» **Exercise data**
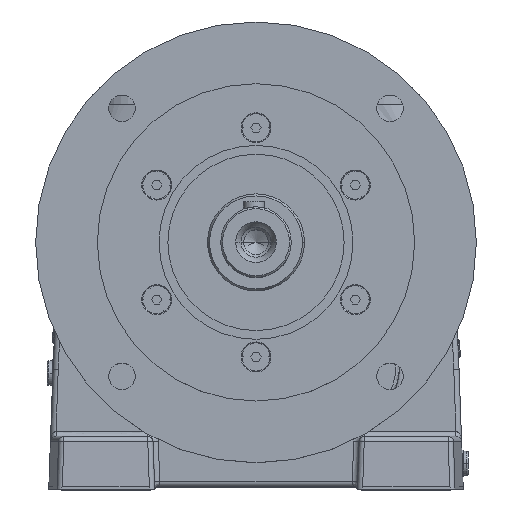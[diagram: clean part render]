
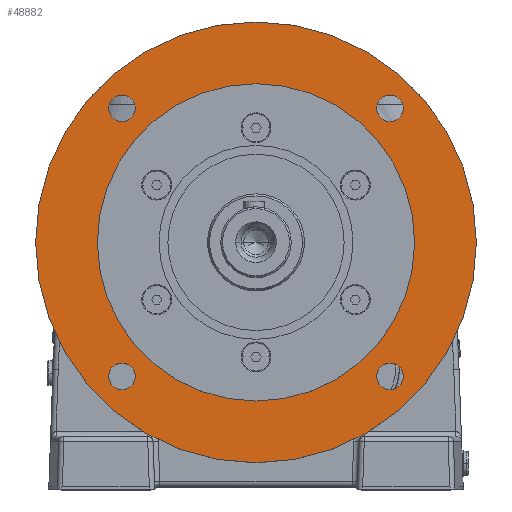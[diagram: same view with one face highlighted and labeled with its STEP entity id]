
A CAD part, top view. The second image highlights one B-rep face of the part: STEP entity #48882.
In plain terms, the highlighted planar face has unit normal (0, 0, 1).
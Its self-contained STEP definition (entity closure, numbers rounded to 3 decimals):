
#46994 = CARTESIAN_POINT ( 'NONE',  ( -68.514, -76.014, -5. ) ) ;
#47027 = CARTESIAN_POINT ( 'NONE',  ( -68.514, 76.014, -5. ) ) ;
#47028 = DIRECTION ( 'NONE',  ( 1., 0., 0. ) ) ;
#47029 = DIRECTION ( 'NONE',  ( 0., 0., 1. ) ) ;
#47030 = CARTESIAN_POINT ( 'NONE',  ( -76.014, 76.014, -5. ) ) ;
#47031 = AXIS2_PLACEMENT_3D ( 'NONE', #47030, #47029, #47028 ) ;
#47032 = CIRCLE ( 'NONE', #47031, 7.5 ) ;
#47033 = CARTESIAN_POINT ( 'NONE',  ( -83.514, 76.014, -5. ) ) ;
#47039 = CARTESIAN_POINT ( 'NONE',  ( 68.514, -76.014, -5. ) ) ;
#48188 = EDGE_CURVE ( 'NONE', #94501, #48189, #62287, .T. ) ;
#48189 = VERTEX_POINT ( 'NONE', #62277 ) ;
#48210 = VERTEX_POINT ( 'NONE', #62371 ) ;
#48212 = ORIENTED_EDGE ( 'NONE', *, *, #48815, .F. ) ;
#48255 = VERTEX_POINT ( 'NONE', #62412 ) ;
#48259 = EDGE_CURVE ( 'NONE', #48255, #94491, #62568, .T. ) ;
#48302 = VERTEX_POINT ( 'NONE', #62627 ) ;
#48306 = EDGE_CURVE ( 'NONE', #48302, #48308, #62621, .T. ) ;
#48308 = VERTEX_POINT ( 'NONE', #62612 ) ;
#48531 = EDGE_CURVE ( 'NONE', #48533, #48210, #63042, .T. ) ;
#48533 = VERTEX_POINT ( 'NONE', #63168 ) ;
#48546 = EDGE_CURVE ( 'NONE', #48548, #48550, #63244, .T. ) ;
#48548 = VERTEX_POINT ( 'NONE', #63238 ) ;
#48550 = VERTEX_POINT ( 'NONE', #63237 ) ;
#48710 = EDGE_LOOP ( 'NONE', ( #48712, #48715 ) ) ;
#48712 = ORIENTED_EDGE ( 'NONE', *, *, #48714, .F. ) ;
#48714 = EDGE_CURVE ( 'NONE', #48308, #48302, #63600, .T. ) ;
#48715 = ORIENTED_EDGE ( 'NONE', *, *, #48306, .F. ) ;
#48718 = EDGE_LOOP ( 'NONE', ( #48720, #48724 ) ) ;
#48720 = ORIENTED_EDGE ( 'NONE', *, *, #48722, .F. ) ;
#48722 = EDGE_CURVE ( 'NONE', #94508, #94505, #63588, .T. ) ;
#48724 = ORIENTED_EDGE ( 'NONE', *, *, #94507, .F. ) ;
#48727 = EDGE_LOOP ( 'NONE', ( #48845, #48849 ) ) ;
#48815 = EDGE_CURVE ( 'NONE', #48189, #94501, #63757, .T. ) ;
#48817 = ORIENTED_EDGE ( 'NONE', *, *, #48188, .F. ) ;
#48845 = ORIENTED_EDGE ( 'NONE', *, *, #48847, .F. ) ;
#48847 = EDGE_CURVE ( 'NONE', #94491, #48255, #63848, .T. ) ;
#48849 = ORIENTED_EDGE ( 'NONE', *, *, #48259, .F. ) ;
#48852 = EDGE_LOOP ( 'NONE', ( #48854, #48856 ) ) ;
#48854 = ORIENTED_EDGE ( 'NONE', *, *, #48531, .T. ) ;
#48856 = ORIENTED_EDGE ( 'NONE', *, *, #48858, .T. ) ;
#48858 = EDGE_CURVE ( 'NONE', #48210, #48533, #63836, .T. ) ;
#48861 = EDGE_LOOP ( 'NONE', ( #48863, #48865 ) ) ;
#48863 = ORIENTED_EDGE ( 'NONE', *, *, #48546, .F. ) ;
#48865 = ORIENTED_EDGE ( 'NONE', *, *, #48867, .F. ) ;
#48867 = EDGE_CURVE ( 'NONE', #48550, #48548, #63824, .T. ) ;
#48871 = EDGE_LOOP ( 'NONE', ( #48212, #48817 ) ) ;
#48882 = ADVANCED_FACE ( 'NONE', ( #63802, #63800, #63798, #63796, #63794, #63793 ), #63912, .F. ) ;
#62277 = CARTESIAN_POINT ( 'NONE',  ( 83.514, -76.014, -5. ) ) ;
#62279 = DIRECTION ( 'NONE',  ( 1., 0., 0. ) ) ;
#62281 = DIRECTION ( 'NONE',  ( 0., 0., 1. ) ) ;
#62283 = CARTESIAN_POINT ( 'NONE',  ( 76.014, -76.014, -5. ) ) ;
#62285 = AXIS2_PLACEMENT_3D ( 'NONE', #62283, #62281, #62279 ) ;
#62287 = CIRCLE ( 'NONE', #62285, 7.5 ) ;
#62371 = CARTESIAN_POINT ( 'NONE',  ( -125., 0., -5. ) ) ;
#62412 = CARTESIAN_POINT ( 'NONE',  ( -83.514, -76.014, -5. ) ) ;
#62561 = DIRECTION ( 'NONE',  ( 1., 0., 0. ) ) ;
#62563 = DIRECTION ( 'NONE',  ( 0., 0., 1. ) ) ;
#62565 = CARTESIAN_POINT ( 'NONE',  ( -76.014, -76.014, -5. ) ) ;
#62566 = AXIS2_PLACEMENT_3D ( 'NONE', #62565, #62563, #62561 ) ;
#62568 = CIRCLE ( 'NONE', #62566, 7.5 ) ;
#62612 = CARTESIAN_POINT ( 'NONE',  ( 83.514, 76.014, -5. ) ) ;
#62614 = DIRECTION ( 'NONE',  ( 1., 0., 0. ) ) ;
#62616 = DIRECTION ( 'NONE',  ( 0., 0., 1. ) ) ;
#62618 = CARTESIAN_POINT ( 'NONE',  ( 76.014, 76.014, -5. ) ) ;
#62619 = AXIS2_PLACEMENT_3D ( 'NONE', #62618, #62616, #62614 ) ;
#62621 = CIRCLE ( 'NONE', #62619, 7.5 ) ;
#62627 = CARTESIAN_POINT ( 'NONE',  ( 68.514, 76.014, -5. ) ) ;
#63042 = CIRCLE ( 'NONE', #63176, 125. ) ;
#63168 = CARTESIAN_POINT ( 'NONE',  ( 125., 0., -5. ) ) ;
#63170 = DIRECTION ( 'NONE',  ( 1., 0., 0. ) ) ;
#63172 = DIRECTION ( 'NONE',  ( 0., 0., 1. ) ) ;
#63174 = CARTESIAN_POINT ( 'NONE',  ( 0., 0., -5. ) ) ;
#63176 = AXIS2_PLACEMENT_3D ( 'NONE', #63174, #63172, #63170 ) ;
#63237 = CARTESIAN_POINT ( 'NONE',  ( -90., 0., -5. ) ) ;
#63238 = CARTESIAN_POINT ( 'NONE',  ( 90., 0., -5. ) ) ;
#63240 = DIRECTION ( 'NONE',  ( 1., 0., 0. ) ) ;
#63241 = DIRECTION ( 'NONE',  ( 0., 0., 1. ) ) ;
#63243 = AXIS2_PLACEMENT_3D ( 'NONE', #63253, #63241, #63240 ) ;
#63244 = CIRCLE ( 'NONE', #63243, 90. ) ;
#63253 = CARTESIAN_POINT ( 'NONE',  ( 0., 0., -5. ) ) ;
#63581 = DIRECTION ( 'NONE',  ( 1., 0., 0. ) ) ;
#63583 = DIRECTION ( 'NONE',  ( 0., 0., 1. ) ) ;
#63585 = CARTESIAN_POINT ( 'NONE',  ( -76.014, 76.014, -5. ) ) ;
#63586 = AXIS2_PLACEMENT_3D ( 'NONE', #63585, #63583, #63581 ) ;
#63588 = CIRCLE ( 'NONE', #63586, 7.5 ) ;
#63594 = DIRECTION ( 'NONE',  ( 1., 0., 0. ) ) ;
#63595 = DIRECTION ( 'NONE',  ( 0., 0., 1. ) ) ;
#63596 = CARTESIAN_POINT ( 'NONE',  ( 76.014, 76.014, -5. ) ) ;
#63598 = AXIS2_PLACEMENT_3D ( 'NONE', #63596, #63595, #63594 ) ;
#63600 = CIRCLE ( 'NONE', #63598, 7.5 ) ;
#63683 = CARTESIAN_POINT ( 'NONE',  ( 0., 0., -5. ) ) ;
#63749 = DIRECTION ( 'NONE',  ( 1., 0., 0. ) ) ;
#63751 = DIRECTION ( 'NONE',  ( 0., 0., 1. ) ) ;
#63753 = CARTESIAN_POINT ( 'NONE',  ( 76.014, -76.014, -5. ) ) ;
#63755 = AXIS2_PLACEMENT_3D ( 'NONE', #63753, #63751, #63749 ) ;
#63757 = CIRCLE ( 'NONE', #63755, 7.5 ) ;
#63793 = FACE_BOUND ( 'NONE', #48871, .T. ) ;
#63794 = FACE_BOUND ( 'NONE', #48861, .T. ) ;
#63796 = FACE_OUTER_BOUND ( 'NONE', #48852, .T. ) ;
#63798 = FACE_BOUND ( 'NONE', #48727, .T. ) ;
#63800 = FACE_BOUND ( 'NONE', #48718, .T. ) ;
#63802 = FACE_BOUND ( 'NONE', #48710, .T. ) ;
#63817 = DIRECTION ( 'NONE',  ( 1., 0., 0. ) ) ;
#63819 = DIRECTION ( 'NONE',  ( 0., 0., 1. ) ) ;
#63821 = CARTESIAN_POINT ( 'NONE',  ( 0., 0., -5. ) ) ;
#63822 = AXIS2_PLACEMENT_3D ( 'NONE', #63821, #63819, #63817 ) ;
#63824 = CIRCLE ( 'NONE', #63822, 90. ) ;
#63830 = DIRECTION ( 'NONE',  ( 1., 0., 0. ) ) ;
#63832 = DIRECTION ( 'NONE',  ( 0., 0., 1. ) ) ;
#63834 = AXIS2_PLACEMENT_3D ( 'NONE', #63683, #63832, #63830 ) ;
#63836 = CIRCLE ( 'NONE', #63834, 125. ) ;
#63840 = DIRECTION ( 'NONE',  ( 1., 0., 0. ) ) ;
#63842 = DIRECTION ( 'NONE',  ( 0., 0., 1. ) ) ;
#63844 = CARTESIAN_POINT ( 'NONE',  ( -76.014, -76.014, -5. ) ) ;
#63846 = AXIS2_PLACEMENT_3D ( 'NONE', #63844, #63842, #63840 ) ;
#63848 = CIRCLE ( 'NONE', #63846, 7.5 ) ;
#63901 = DIRECTION ( 'NONE',  ( -1., 0., 0. ) ) ;
#63903 = DIRECTION ( 'NONE',  ( 0., 0., -1. ) ) ;
#63905 = CARTESIAN_POINT ( 'NONE',  ( 0., 90., -5. ) ) ;
#63907 = AXIS2_PLACEMENT_3D ( 'NONE', #63905, #63903, #63901 ) ;
#63912 = PLANE ( 'NONE',  #63907 ) ;
#94491 = VERTEX_POINT ( 'NONE', #46994 ) ;
#94501 = VERTEX_POINT ( 'NONE', #47039 ) ;
#94505 = VERTEX_POINT ( 'NONE', #47033 ) ;
#94507 = EDGE_CURVE ( 'NONE', #94505, #94508, #47032, .T. ) ;
#94508 = VERTEX_POINT ( 'NONE', #47027 ) ;

» **Your instructions**
From the entries above, print the lines beginning at the one with "#63594 = DIRECTION" and stopping after the one with "#63793 = FACE_BOUND ( 'NONE', #48871, .T. ) ;", exactly as written and with nothing else.

» **Output below**
#63594 = DIRECTION ( 'NONE',  ( 1., 0., 0. ) ) ;
#63595 = DIRECTION ( 'NONE',  ( 0., 0., 1. ) ) ;
#63596 = CARTESIAN_POINT ( 'NONE',  ( 76.014, 76.014, -5. ) ) ;
#63598 = AXIS2_PLACEMENT_3D ( 'NONE', #63596, #63595, #63594 ) ;
#63600 = CIRCLE ( 'NONE', #63598, 7.5 ) ;
#63683 = CARTESIAN_POINT ( 'NONE',  ( 0., 0., -5. ) ) ;
#63749 = DIRECTION ( 'NONE',  ( 1., 0., 0. ) ) ;
#63751 = DIRECTION ( 'NONE',  ( 0., 0., 1. ) ) ;
#63753 = CARTESIAN_POINT ( 'NONE',  ( 76.014, -76.014, -5. ) ) ;
#63755 = AXIS2_PLACEMENT_3D ( 'NONE', #63753, #63751, #63749 ) ;
#63757 = CIRCLE ( 'NONE', #63755, 7.5 ) ;
#63793 = FACE_BOUND ( 'NONE', #48871, .T. ) ;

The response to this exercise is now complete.